Один из опальных чиновников, снятых Хамовским с должности за эгоистическое воровство, состоял в близких знакомых Алика и звали его Глеб. Чрезмерно сытая и малоподвижная по-северному жизнь, запиваемая водкой и пивом, сделала из Глеба изрядного толстяка, внутри которого поживал умный и опытный чиновник, знакомый с нравами и этикетом властьимущих.

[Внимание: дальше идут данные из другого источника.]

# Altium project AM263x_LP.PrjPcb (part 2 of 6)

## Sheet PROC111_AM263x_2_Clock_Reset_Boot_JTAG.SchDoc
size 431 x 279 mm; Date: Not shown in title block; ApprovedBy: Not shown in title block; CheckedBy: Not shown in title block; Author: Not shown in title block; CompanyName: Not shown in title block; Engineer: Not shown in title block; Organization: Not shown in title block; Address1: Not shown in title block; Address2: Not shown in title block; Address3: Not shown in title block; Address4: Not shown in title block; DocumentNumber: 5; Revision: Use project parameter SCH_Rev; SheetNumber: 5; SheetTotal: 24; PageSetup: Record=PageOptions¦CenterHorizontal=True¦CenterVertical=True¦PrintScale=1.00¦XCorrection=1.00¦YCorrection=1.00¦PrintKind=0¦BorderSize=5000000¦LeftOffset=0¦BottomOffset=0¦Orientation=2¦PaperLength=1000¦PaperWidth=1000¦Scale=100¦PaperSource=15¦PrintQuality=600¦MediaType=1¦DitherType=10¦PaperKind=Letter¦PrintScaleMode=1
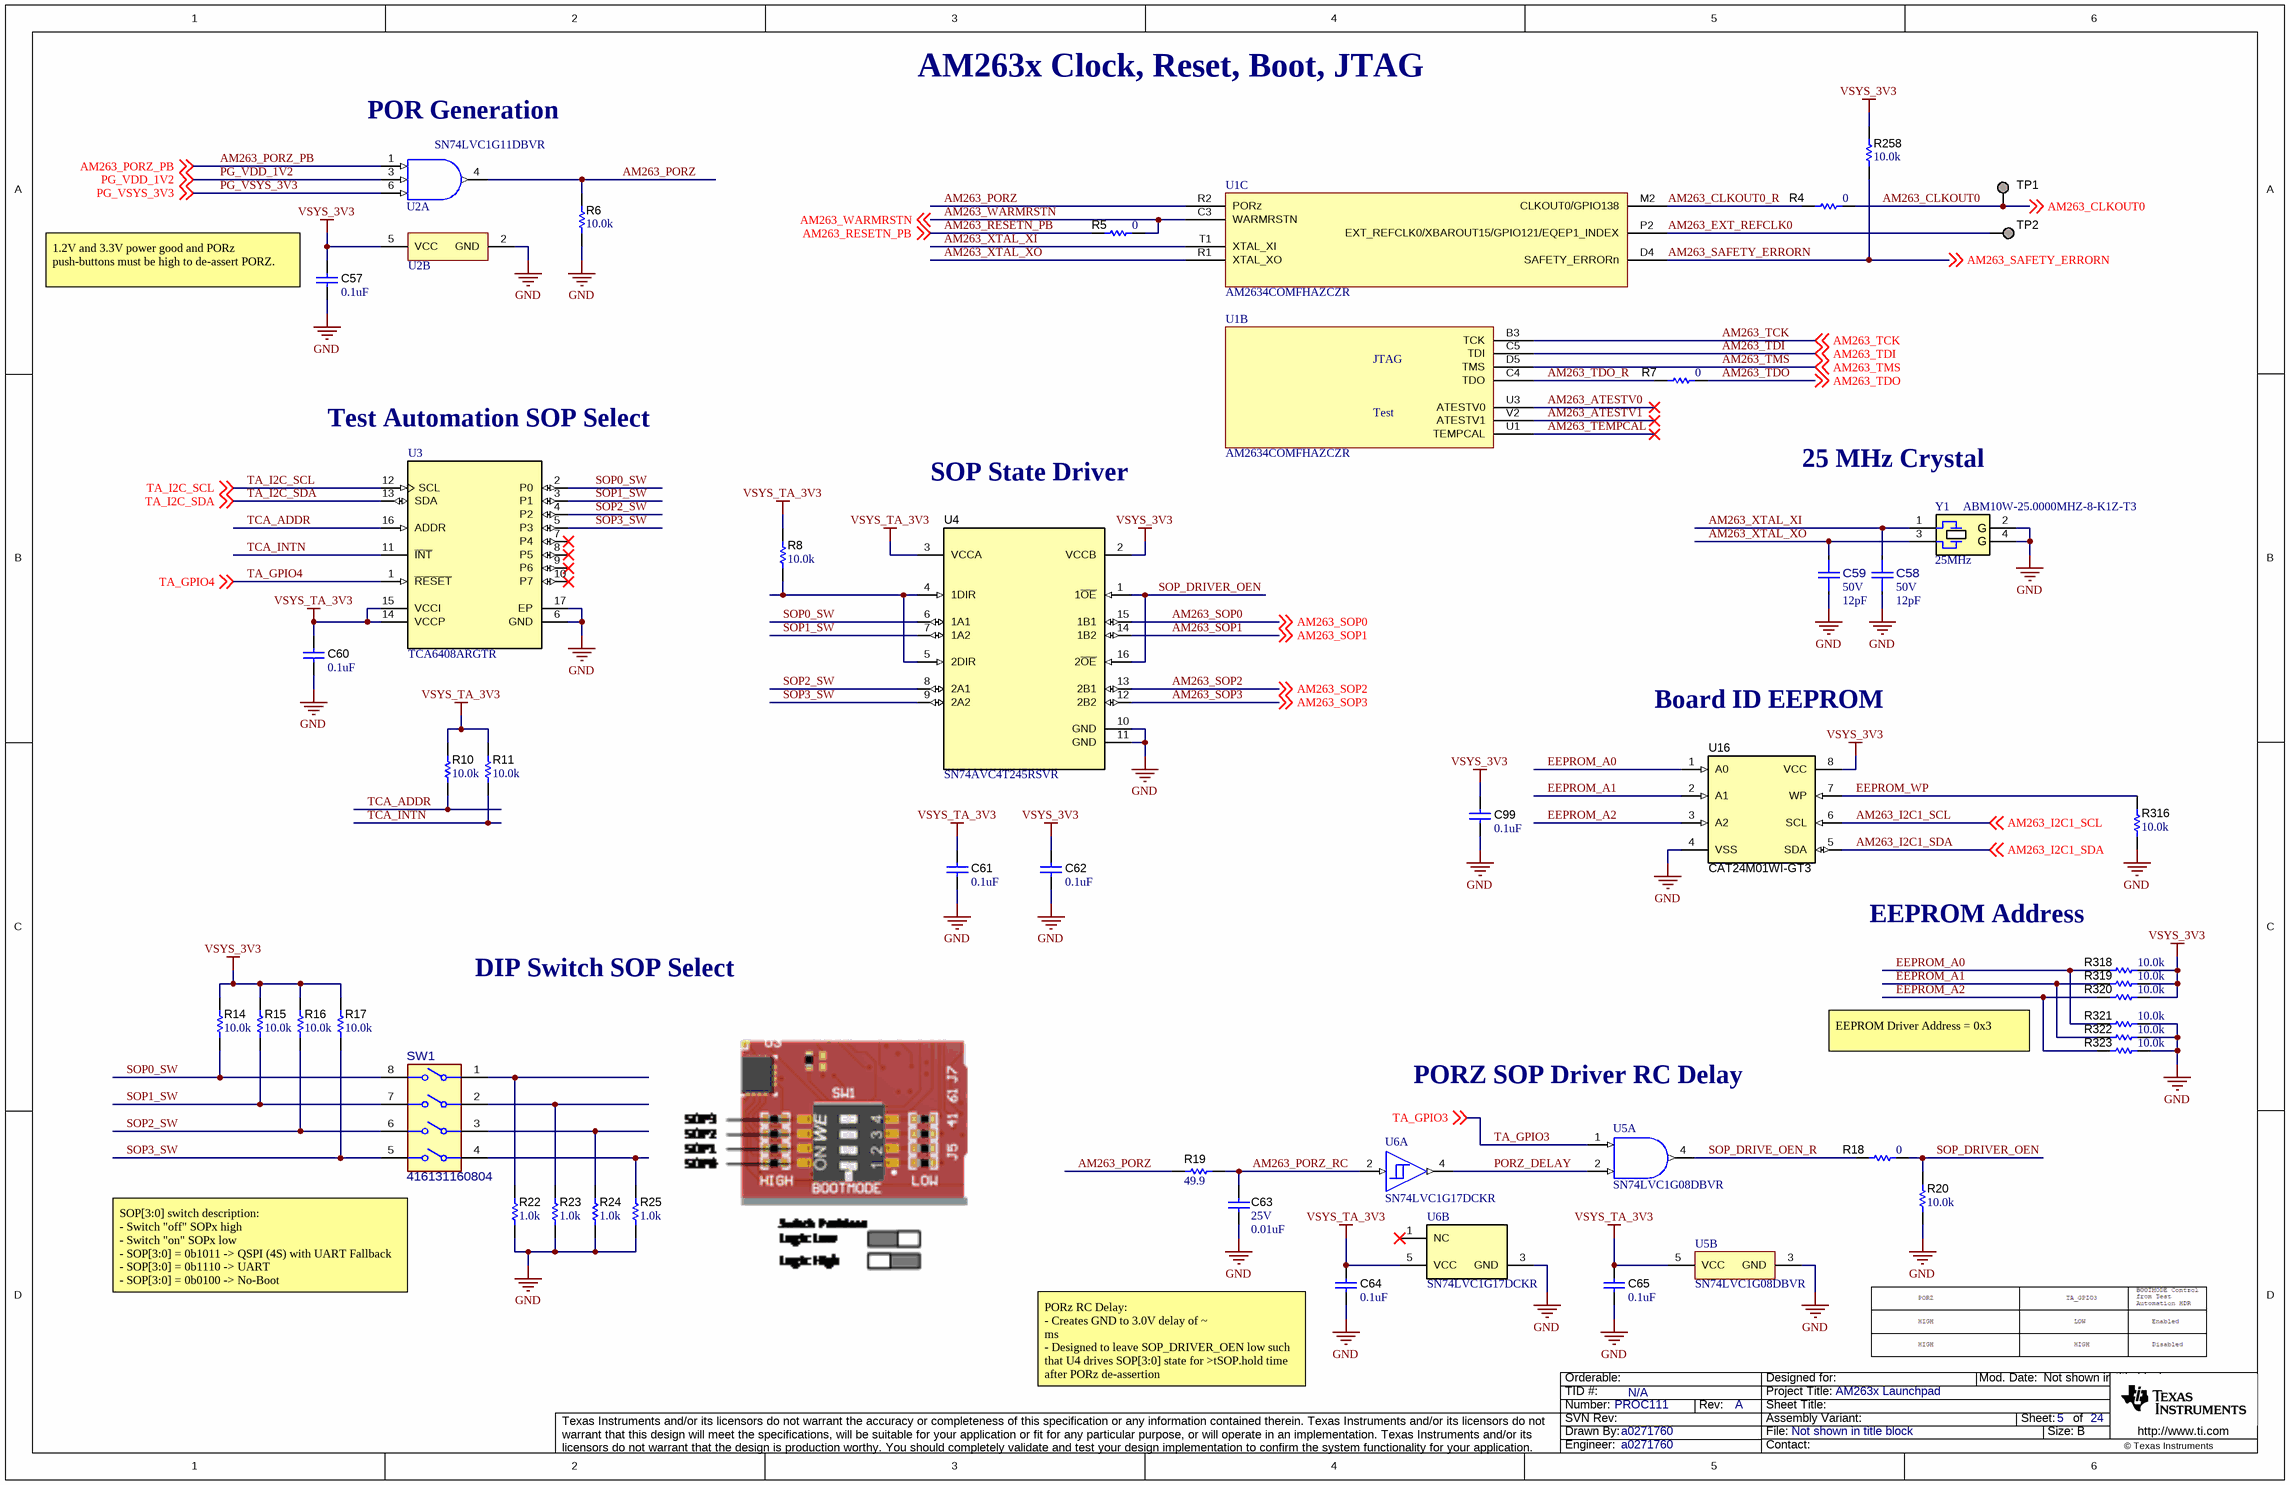
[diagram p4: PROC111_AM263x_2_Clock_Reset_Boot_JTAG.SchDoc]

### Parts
C57  ValueDisplayed: 0.1uF  [0402]  (hidden comment: GRM155R71E104KE14D)
C58  VDC_V: 50V  ValueDisplayed: 12pF  [FP-GRT1555C1H120JA02D_0402-MFG]  (hidden comment: GRT1555C1H120JA02D)
C59  VDC_V: 50V  ValueDisplayed: 12pF  [FP-GRT1555C1H120JA02D_0402-MFG]  (hidden comment: GRT1555C1H120JA02D)
C60  ValueDisplayed: 0.1uF  [0402]  (hidden comment: GRM155R71E104KE14D)
C61  ValueDisplayed: 0.1uF  [0402]  (hidden comment: GRM155R71E104KE14D)
C62  ValueDisplayed: 0.1uF  [0402]  (hidden comment: GRM155R71E104KE14D)
C63  VDC_V: 25V  ValueDisplayed: 0.01uF  [0402]  (hidden comment: GRM155R71E103KA01D)
C64  ValueDisplayed: 0.1uF  [0402]  (hidden comment: GRM155R71E104KE14D)
C65  ValueDisplayed: 0.1uF  [0402]  (hidden comment: GRM155R71E104KE14D)
C99  ValueDisplayed: 0.1uF  [0402]  (hidden comment: GRM155R71E104KE14D)
R4  value 0  [0402L]  (hidden comment: ERJ-2GE0R00X)
R5  ValueDisplayed: 0  [0402]  (hidden comment: ERJ-2GE0R00X)
R6  ValueDisplayed: 10.0k  [0402]  (hidden comment: ERJ-2RKF1002X)
R7  value 0  [0402L]  (hidden comment: ERJ-2GE0R00X)
R8  ValueDisplayed: 10.0k  [0402]  (hidden comment: ERJ-2RKF1002X)
R10  ValueDisplayed: 10.0k  [0402]  (hidden comment: ERJ-2RKF1002X)
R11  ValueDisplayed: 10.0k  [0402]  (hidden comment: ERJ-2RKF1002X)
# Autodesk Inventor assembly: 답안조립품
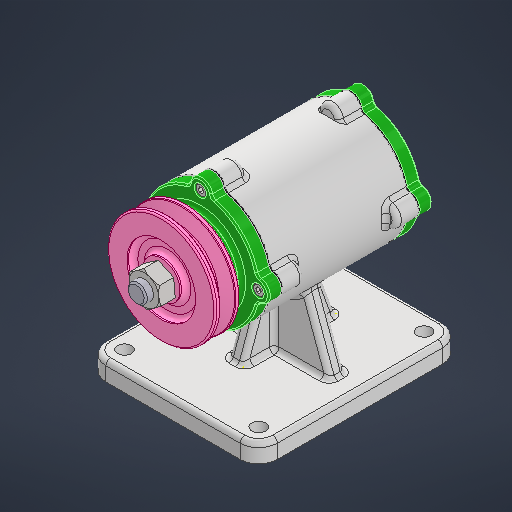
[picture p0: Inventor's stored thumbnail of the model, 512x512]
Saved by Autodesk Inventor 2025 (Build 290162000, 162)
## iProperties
Created: 2025-08
Part Number: 답안조립품
Document SubType Name: Assembly
Designer: infra012
Author: infra012
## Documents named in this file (12)
- C:\Users\infra012\Desktop\750806V1002\답안조립품.iam
- C:\Users\infra012\Desktop\750806V1002\V-벨트풀리\V-벨트풀리.ipt
- C:\Users\infra012\Desktop\750806V1002\개스킷\개스킷.ipt
- C:\Users\infra012\Desktop\750806V1002\너트 M12 x 1.25\너트 M12 x 1.25.ipt
- C:\Users\infra012\Desktop\750806V1002\뒤커버\뒤커버.ipt
- C:\Users\infra012\Desktop\750806V1002\베어링 6204\베어링 6204.ipt
- C:\Users\infra012\Desktop\750806V1002\볼트 M4 x 12\볼트 M4 x 12.ipt
- C:\Users\infra012\Desktop\750806V1002\앞커버\앞커버.ipt
- C:\Users\infra012\Desktop\750806V1002\오일 실\오일 실.ipt
- C:\Users\infra012\Desktop\750806V1002\축\축.ipt
- C:\Users\infra012\Desktop\750806V1002\키 4 x 4\키 4 x 4.ipt
- C:\Users\infra012\Desktop\750806V1002\본체.ipt
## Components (3 placed, 2 different names)
1. V-벨트풀리:1
2. 개스킷:1
3. 개스킷:2
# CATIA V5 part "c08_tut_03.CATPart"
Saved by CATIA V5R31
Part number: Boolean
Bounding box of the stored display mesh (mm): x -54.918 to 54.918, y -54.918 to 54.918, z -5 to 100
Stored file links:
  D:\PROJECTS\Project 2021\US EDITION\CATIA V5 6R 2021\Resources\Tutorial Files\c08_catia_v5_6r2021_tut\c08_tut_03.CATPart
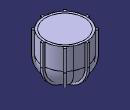
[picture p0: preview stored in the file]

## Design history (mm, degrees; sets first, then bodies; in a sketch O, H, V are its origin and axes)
Body1 (main body)
Body2 "Result"
  Body3 "Material_addition"
    Body4 "Base_feature"
      Solid1: linked copy from another document
    Add1: tool Body4
    Body5 "Rib"
      Solid2: linked copy from another document
      Thickness1: Thickness 1
      Body6 "Rib_plates"
        Sketch1 on face of Solid2, origin (0, 0, 100), H (1, 0, 0), V (0, 1, 0)
          line L1 (0, 0) -> (0, 73.1213)
          vertical: L1 V
        Pad1: profile Sketch1, direction (0, 0, 1), length 20, opposite side length 125, thin wall 6
        CircPattern1: of Pad1, instances 8, angular step 45 {= 360.0*1 deg/CircPattern1.AngularNumber}, axis from Z axis
      Intersect1: tool Body6
    Add2: tool Body5
  Add3: tool Body3
  Body7 "Material_removal"
    Body8 "core"
      Solid3: linked copy from another document
      Thickness2: Thickness 1
    Add4: tool Body8
  Remove1: tool Body7
Body9 "Base_feature"
  Sketch2 on yz-plane, origin (0, 0, 0), H (0, 1, 0), V (0, 0, 1)
    line L1 (0, 0) -> (0, 100)
    line L2 (0, 100) -> (50, 100)
    line L3 (50, 100) -> (50, 50)
    arc A1 centre (0, 50) radius 50 from (50, 50) to (0, 0) cw
    axis line L4 (0, 116.7367) -> (0, -14.1151)
    point P5 (0, 116.7367)
    point P6 (0, -14.1151)
    length L1 = 100
    length L2 = 50
    vertical: L1 V, L3 V, L4 V
    horizontal: L2 H
    tangency: A1 L3, A1 H
    coincidence: P5 V, P5 L1, P6 V
  Shaft1: profile Sketch2, axis Sketch2.L1, angle 360

В бытность, когда Глеб был высоким начальником в маленьком нефтяном городе, его квартира регулярно наполнялась родственниками, местными высшими чинами и проходимцами-предпринимателями, с которыми Глеб иной раз делил бюджет своей организации. Живой и веселый нрав Глеба, его приветливость вытягивала из гостей любопытные разговоры, а московская академия государственной службы, оконченная им, придавала его советам основательность.
Именно к нему и направился Алик, чтобы рассказать о предложении Хамовского. Зная традиции приема гостей в квартире, куда он направлялся, Алик купил несколько бутылок пива…
– Мне странно это предложение, – искренне сознался Алик, сидя за кухонным столом. – Я их так утюжил в своей газете, когда был депутатом, а меня – на повышение. Кусок мяса, оказавшийся в ложке, тоже в какой-то момент принимает ее за эскалатор – за возносящее к небу крыло. Здесь есть недосказанность. Могут сожрать.
– Ты их давно не критикуешь, – напомнил Глеб. – Они это видят и хотят накануне перевыборов сделать тебя ручным.